Dataset records:

====================

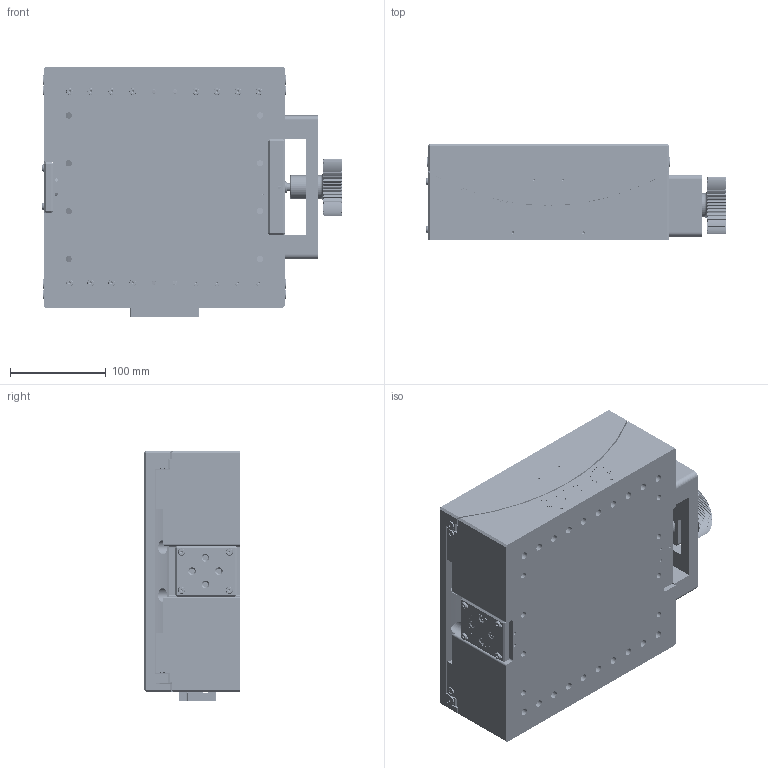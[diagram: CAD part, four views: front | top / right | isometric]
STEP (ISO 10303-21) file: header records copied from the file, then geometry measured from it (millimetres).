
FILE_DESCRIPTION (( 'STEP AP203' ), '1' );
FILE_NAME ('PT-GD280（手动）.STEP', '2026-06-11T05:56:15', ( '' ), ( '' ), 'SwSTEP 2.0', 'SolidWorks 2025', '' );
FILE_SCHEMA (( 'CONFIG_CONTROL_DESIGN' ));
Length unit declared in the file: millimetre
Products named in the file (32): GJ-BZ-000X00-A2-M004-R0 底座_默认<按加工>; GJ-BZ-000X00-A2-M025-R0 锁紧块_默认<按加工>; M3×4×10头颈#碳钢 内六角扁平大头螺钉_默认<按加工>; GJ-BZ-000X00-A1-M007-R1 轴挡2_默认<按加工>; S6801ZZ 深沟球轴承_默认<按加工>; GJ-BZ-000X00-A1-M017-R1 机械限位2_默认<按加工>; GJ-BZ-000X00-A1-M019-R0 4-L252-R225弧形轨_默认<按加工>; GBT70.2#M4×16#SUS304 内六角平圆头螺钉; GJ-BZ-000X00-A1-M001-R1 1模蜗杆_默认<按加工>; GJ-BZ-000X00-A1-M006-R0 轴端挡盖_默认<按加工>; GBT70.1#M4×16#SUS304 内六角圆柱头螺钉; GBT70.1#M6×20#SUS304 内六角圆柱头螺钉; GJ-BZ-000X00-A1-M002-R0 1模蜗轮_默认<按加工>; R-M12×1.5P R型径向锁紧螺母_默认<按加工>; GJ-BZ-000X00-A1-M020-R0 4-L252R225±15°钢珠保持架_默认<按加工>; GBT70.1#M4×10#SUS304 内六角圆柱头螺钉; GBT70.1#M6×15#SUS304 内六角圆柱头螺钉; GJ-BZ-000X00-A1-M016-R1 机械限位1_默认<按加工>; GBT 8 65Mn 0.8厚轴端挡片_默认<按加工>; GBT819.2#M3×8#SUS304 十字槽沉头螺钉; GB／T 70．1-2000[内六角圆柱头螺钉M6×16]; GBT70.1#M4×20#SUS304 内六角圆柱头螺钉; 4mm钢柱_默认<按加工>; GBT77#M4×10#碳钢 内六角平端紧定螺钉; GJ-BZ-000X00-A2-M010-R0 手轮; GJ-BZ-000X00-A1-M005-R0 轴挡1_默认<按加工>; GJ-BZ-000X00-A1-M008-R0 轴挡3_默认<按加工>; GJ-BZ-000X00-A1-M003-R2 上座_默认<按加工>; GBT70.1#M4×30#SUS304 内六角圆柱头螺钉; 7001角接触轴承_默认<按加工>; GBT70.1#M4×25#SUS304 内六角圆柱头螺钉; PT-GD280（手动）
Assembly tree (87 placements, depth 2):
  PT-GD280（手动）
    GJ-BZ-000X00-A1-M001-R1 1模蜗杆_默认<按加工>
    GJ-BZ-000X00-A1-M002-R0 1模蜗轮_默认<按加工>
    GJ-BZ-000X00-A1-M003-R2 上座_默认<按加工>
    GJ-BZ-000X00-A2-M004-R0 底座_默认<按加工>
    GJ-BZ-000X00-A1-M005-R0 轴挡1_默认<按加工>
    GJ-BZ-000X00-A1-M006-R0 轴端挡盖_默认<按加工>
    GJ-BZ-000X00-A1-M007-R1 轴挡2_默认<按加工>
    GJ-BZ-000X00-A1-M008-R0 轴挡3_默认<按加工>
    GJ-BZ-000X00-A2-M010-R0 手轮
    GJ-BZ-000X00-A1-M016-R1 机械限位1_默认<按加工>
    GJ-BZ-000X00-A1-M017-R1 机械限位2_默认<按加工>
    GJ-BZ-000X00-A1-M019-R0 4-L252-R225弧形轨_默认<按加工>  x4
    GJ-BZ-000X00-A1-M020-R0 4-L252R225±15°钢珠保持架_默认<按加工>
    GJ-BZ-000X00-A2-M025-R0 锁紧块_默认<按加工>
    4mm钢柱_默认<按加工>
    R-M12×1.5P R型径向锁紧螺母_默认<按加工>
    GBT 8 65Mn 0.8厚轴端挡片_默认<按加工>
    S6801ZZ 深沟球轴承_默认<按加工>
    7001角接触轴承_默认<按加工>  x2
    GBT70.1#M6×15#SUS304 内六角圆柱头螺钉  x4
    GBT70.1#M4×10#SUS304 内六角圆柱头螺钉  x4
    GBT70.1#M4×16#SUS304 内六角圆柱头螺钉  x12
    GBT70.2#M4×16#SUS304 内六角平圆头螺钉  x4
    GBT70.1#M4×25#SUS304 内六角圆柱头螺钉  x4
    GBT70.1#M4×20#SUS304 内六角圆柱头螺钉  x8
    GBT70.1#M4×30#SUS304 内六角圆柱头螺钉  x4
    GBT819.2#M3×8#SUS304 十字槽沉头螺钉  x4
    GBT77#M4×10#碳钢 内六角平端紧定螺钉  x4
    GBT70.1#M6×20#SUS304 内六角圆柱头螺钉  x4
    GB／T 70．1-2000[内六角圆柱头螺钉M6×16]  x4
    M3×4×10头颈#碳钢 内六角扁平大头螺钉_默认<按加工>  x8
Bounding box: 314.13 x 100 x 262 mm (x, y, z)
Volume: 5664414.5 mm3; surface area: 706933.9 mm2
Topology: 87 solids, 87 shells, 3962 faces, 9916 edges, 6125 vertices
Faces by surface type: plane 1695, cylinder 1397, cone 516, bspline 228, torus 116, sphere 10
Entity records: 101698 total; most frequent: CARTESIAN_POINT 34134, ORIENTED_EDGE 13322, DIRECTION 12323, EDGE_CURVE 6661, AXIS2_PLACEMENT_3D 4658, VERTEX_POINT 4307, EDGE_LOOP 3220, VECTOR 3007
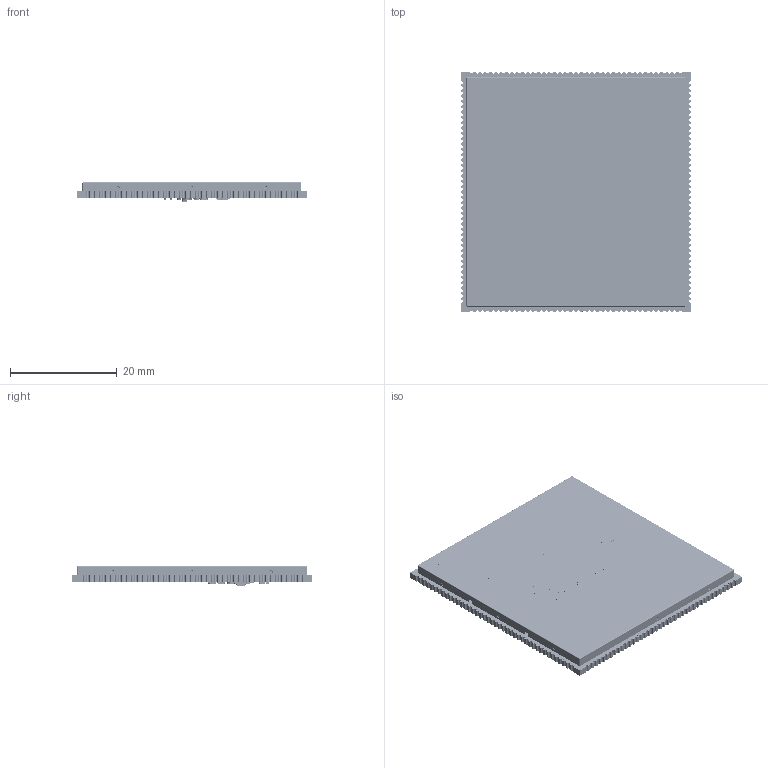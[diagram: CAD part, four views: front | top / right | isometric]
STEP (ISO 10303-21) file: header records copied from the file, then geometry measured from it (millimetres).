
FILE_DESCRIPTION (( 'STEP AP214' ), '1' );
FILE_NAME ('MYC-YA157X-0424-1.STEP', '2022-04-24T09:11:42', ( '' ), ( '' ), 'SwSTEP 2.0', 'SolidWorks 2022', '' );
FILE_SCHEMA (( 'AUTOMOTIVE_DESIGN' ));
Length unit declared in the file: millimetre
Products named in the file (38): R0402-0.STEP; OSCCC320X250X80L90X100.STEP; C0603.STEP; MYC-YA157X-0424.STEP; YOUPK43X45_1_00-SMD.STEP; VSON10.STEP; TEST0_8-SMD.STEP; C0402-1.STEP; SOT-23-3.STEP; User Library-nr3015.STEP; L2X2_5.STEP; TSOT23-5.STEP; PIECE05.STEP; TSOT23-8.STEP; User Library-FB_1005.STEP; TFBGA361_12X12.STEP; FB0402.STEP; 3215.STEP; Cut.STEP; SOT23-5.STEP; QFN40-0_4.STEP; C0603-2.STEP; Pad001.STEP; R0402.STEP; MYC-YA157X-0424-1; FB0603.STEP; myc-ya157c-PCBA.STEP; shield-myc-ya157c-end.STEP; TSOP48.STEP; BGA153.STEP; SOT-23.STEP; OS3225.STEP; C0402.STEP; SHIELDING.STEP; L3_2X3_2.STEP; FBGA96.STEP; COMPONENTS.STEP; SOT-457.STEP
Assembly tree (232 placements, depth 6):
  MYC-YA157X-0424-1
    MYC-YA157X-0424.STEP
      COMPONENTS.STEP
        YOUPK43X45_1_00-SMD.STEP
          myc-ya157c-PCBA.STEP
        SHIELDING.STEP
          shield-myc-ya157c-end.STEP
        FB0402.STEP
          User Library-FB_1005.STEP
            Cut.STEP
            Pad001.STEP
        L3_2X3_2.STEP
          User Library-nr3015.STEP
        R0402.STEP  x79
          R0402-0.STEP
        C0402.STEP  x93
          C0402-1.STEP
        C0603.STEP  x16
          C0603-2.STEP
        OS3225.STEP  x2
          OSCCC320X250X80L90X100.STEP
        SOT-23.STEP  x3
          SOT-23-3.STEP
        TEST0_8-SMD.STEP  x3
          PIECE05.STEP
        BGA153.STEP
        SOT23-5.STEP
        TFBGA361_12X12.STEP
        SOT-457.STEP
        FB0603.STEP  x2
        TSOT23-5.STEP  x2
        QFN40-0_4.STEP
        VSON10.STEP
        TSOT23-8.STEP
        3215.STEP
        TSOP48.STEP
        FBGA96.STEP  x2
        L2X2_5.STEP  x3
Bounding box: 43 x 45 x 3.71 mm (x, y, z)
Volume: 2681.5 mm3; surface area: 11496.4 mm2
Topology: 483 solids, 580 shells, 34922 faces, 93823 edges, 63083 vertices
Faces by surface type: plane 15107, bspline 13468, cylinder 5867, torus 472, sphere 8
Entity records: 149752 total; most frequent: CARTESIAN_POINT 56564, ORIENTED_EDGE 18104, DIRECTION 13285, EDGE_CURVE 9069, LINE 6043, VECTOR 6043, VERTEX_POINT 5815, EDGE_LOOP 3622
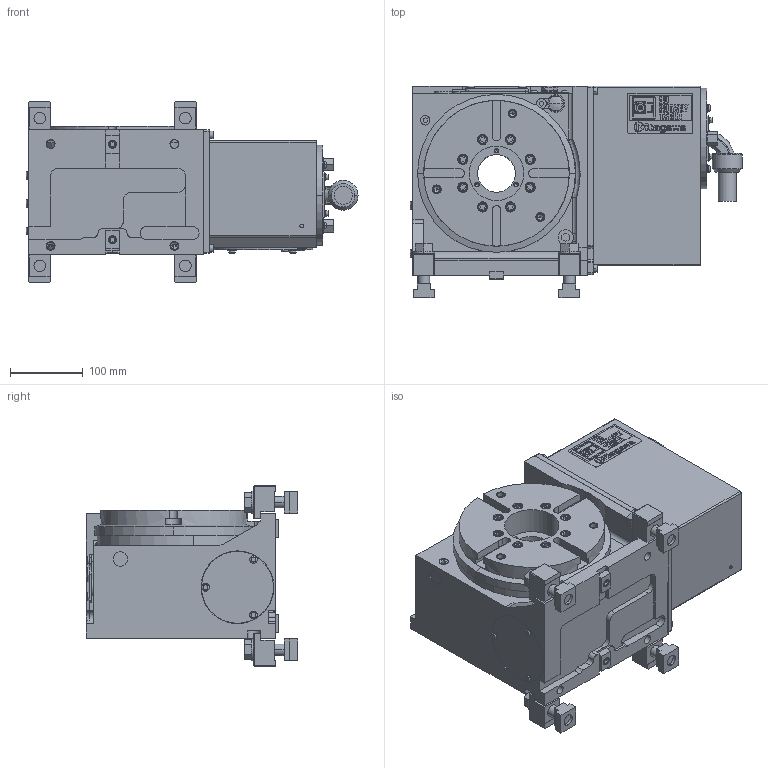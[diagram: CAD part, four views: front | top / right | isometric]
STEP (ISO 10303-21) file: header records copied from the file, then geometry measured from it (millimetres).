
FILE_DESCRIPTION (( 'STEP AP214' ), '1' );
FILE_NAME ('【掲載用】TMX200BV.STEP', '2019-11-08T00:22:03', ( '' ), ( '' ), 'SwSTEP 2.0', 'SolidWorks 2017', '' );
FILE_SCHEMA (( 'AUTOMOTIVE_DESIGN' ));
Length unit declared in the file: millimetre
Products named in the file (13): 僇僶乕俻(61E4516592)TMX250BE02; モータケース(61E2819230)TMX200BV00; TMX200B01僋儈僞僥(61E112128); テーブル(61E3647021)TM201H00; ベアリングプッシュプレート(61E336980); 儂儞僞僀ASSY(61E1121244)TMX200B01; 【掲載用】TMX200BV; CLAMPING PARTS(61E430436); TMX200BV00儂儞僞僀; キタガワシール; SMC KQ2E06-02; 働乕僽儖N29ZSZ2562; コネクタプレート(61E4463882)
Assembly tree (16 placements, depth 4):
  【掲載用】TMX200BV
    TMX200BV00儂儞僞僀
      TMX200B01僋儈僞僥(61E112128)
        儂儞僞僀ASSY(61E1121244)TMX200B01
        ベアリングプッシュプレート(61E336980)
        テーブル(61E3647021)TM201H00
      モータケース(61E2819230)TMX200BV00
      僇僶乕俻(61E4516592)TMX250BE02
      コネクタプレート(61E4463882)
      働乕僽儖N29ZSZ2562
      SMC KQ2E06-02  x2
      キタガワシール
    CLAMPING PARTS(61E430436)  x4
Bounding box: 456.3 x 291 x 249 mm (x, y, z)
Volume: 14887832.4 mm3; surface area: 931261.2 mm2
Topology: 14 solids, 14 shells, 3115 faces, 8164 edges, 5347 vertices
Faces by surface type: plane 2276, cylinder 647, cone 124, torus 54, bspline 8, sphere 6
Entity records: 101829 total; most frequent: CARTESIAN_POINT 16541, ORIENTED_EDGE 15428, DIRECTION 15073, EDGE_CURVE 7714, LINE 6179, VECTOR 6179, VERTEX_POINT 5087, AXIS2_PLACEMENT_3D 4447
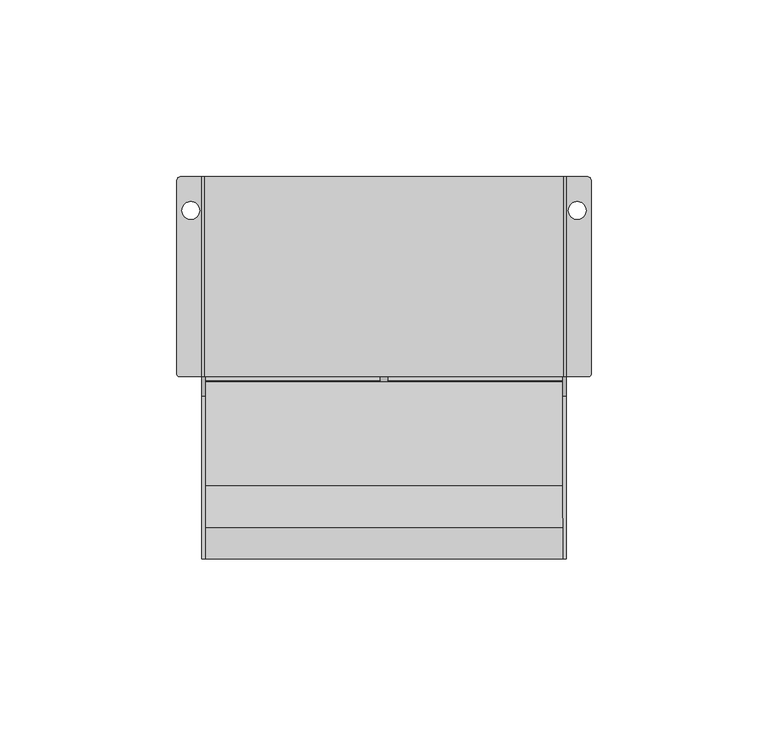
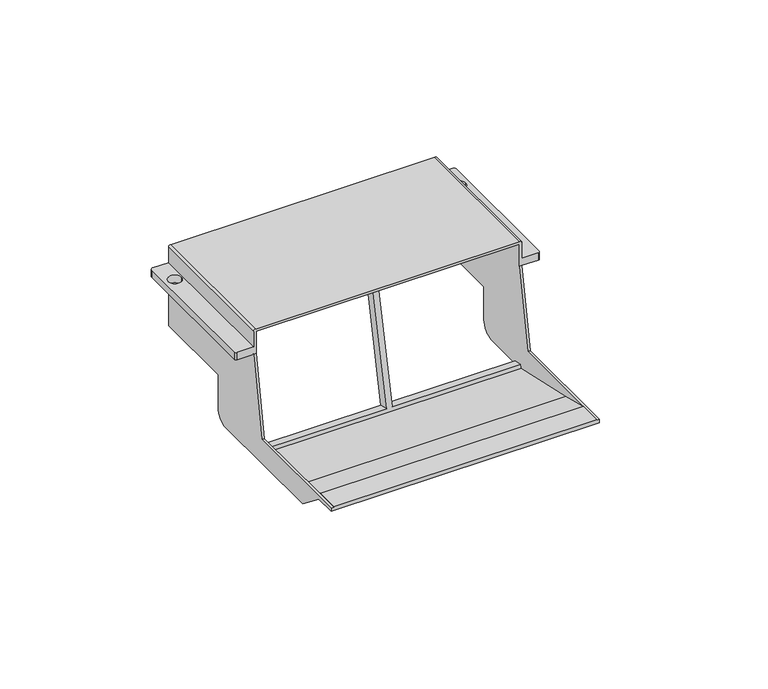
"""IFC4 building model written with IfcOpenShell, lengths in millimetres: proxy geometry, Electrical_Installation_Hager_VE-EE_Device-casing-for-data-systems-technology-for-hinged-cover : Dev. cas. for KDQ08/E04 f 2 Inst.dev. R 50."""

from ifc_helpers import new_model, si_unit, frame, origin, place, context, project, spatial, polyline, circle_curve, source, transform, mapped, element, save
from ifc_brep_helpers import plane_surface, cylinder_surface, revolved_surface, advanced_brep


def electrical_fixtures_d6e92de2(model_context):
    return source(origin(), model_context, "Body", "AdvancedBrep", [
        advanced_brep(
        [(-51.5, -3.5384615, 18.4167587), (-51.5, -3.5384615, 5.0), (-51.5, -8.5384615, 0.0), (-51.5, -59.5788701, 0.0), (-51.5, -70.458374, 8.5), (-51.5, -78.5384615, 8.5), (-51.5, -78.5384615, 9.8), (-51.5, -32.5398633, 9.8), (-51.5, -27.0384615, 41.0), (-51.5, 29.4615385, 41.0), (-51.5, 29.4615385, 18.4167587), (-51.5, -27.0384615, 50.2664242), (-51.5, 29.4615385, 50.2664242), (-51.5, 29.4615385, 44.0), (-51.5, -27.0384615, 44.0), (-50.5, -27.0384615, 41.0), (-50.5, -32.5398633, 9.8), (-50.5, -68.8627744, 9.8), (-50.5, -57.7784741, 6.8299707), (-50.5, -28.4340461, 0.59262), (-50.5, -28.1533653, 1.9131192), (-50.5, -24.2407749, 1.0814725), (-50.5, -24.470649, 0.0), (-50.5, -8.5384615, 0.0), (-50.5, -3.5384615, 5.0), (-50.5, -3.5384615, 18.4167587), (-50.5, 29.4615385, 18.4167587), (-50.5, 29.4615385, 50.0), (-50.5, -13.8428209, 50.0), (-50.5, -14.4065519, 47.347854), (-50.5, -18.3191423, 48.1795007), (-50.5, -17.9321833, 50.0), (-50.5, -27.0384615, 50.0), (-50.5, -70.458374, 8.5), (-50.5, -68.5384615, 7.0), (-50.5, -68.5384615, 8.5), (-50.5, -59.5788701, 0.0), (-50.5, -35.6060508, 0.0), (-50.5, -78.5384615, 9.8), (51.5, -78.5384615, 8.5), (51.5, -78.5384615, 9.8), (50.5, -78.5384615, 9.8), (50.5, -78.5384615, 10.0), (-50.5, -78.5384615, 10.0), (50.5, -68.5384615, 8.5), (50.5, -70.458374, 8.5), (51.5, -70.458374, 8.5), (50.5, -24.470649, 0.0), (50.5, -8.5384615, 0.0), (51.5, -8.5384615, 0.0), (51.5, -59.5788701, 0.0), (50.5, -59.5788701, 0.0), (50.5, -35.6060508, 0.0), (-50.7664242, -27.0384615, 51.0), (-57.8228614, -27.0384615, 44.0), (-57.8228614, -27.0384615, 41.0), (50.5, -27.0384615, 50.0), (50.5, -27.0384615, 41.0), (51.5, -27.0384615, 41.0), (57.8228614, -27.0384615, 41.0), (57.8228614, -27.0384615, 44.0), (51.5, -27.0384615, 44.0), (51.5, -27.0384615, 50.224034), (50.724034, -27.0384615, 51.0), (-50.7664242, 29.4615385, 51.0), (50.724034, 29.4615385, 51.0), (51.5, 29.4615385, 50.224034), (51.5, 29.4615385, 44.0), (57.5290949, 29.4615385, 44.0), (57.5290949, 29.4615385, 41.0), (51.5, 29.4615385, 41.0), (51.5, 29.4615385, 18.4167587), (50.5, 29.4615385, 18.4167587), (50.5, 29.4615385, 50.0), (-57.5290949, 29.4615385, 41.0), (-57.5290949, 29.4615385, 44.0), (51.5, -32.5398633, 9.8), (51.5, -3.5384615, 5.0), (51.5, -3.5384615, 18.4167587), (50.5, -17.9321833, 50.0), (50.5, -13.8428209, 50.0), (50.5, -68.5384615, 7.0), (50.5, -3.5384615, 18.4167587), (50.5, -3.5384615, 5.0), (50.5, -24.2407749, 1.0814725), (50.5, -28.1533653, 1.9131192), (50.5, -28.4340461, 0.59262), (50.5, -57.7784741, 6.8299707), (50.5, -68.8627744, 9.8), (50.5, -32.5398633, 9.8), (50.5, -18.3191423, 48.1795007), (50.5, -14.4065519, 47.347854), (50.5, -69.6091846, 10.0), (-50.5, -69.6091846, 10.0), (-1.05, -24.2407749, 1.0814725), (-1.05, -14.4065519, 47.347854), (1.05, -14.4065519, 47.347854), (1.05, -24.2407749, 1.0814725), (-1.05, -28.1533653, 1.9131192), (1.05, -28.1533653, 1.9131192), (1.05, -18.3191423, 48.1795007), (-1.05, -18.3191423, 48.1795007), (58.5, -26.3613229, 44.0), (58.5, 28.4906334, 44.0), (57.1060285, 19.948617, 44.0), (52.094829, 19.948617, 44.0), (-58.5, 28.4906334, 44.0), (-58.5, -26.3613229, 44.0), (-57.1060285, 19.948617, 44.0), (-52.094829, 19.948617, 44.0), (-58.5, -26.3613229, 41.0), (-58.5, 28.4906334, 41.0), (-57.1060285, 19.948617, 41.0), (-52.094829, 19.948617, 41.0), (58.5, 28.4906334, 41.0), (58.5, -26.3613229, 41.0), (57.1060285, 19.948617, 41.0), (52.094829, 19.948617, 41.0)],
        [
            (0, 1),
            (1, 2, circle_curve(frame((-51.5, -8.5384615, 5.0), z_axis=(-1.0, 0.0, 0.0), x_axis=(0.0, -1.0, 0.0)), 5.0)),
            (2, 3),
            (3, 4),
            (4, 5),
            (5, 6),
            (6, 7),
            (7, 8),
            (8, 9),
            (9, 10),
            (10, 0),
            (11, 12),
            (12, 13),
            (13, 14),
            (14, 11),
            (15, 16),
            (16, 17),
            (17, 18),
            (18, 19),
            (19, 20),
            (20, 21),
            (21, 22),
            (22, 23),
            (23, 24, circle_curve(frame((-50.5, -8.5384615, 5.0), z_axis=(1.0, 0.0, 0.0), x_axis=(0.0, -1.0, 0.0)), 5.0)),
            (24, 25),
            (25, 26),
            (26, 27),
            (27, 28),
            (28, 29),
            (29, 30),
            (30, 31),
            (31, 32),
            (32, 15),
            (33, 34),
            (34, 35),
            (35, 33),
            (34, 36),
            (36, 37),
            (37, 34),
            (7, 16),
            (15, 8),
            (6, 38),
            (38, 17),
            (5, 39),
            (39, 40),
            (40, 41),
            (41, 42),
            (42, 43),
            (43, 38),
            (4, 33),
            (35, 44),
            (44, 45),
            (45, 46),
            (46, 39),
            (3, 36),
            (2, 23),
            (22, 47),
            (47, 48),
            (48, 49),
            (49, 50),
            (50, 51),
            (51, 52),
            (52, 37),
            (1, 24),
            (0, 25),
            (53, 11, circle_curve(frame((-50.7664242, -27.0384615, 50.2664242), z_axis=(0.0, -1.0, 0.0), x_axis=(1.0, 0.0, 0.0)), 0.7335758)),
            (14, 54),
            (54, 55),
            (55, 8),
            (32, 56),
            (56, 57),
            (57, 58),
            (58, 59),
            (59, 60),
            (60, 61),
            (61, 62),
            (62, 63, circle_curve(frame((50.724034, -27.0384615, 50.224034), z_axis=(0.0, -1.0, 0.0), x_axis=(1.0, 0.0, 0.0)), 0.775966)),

====================

From the data above, retype only the lines starting with the line with "Assembly tree (16" and going on through the line with "building model written", exactly, leaving out the pictures.

▶ **WRITTEN SOLUTION**:
Assembly tree (16 placements, depth 4):
  【掲載用】TMX200BV
    TMX200BV00儂儞僞僀
      TMX200B01僋儈僞僥(61E112128)
        儂儞僞僀ASSY(61E1121244)TMX200B01
        ベアリングプッシュプレート(61E336980)
        テーブル(61E3647021)TM201H00
      モータケース(61E2819230)TMX200BV00
      僇僶乕俻(61E4516592)TMX250BE02
      コネクタプレート(61E4463882)
      働乕僽儖N29ZSZ2562
      SMC KQ2E06-02  x2
      キタガワシール
    CLAMPING PARTS(61E430436)  x4
Bounding box: 456.3 x 291 x 249 mm (x, y, z)
Volume: 14887832.4 mm3; surface area: 931261.2 mm2
Topology: 14 solids, 14 shells, 3115 faces, 8164 edges, 5347 vertices
Faces by surface type: plane 2276, cylinder 647, cone 124, torus 54, bspline 8, sphere 6
Entity records: 101829 total; most frequent: CARTESIAN_POINT 16541, ORIENTED_EDGE 15428, DIRECTION 15073, EDGE_CURVE 7714, LINE 6179, VECTOR 6179, VERTEX_POINT 5087, AXIS2_PLACEMENT_3D 4447
"""IFC4 building model written with IfcOpenShell, lengths in millimetres: proxy geometry, Electrical_Installation_Hager_VE-EE_Device-casing-for-data-systems-technology-for-hinged-cover : Dev. cas. for KDQ08/E04 f 2 Inst.dev. R 50."""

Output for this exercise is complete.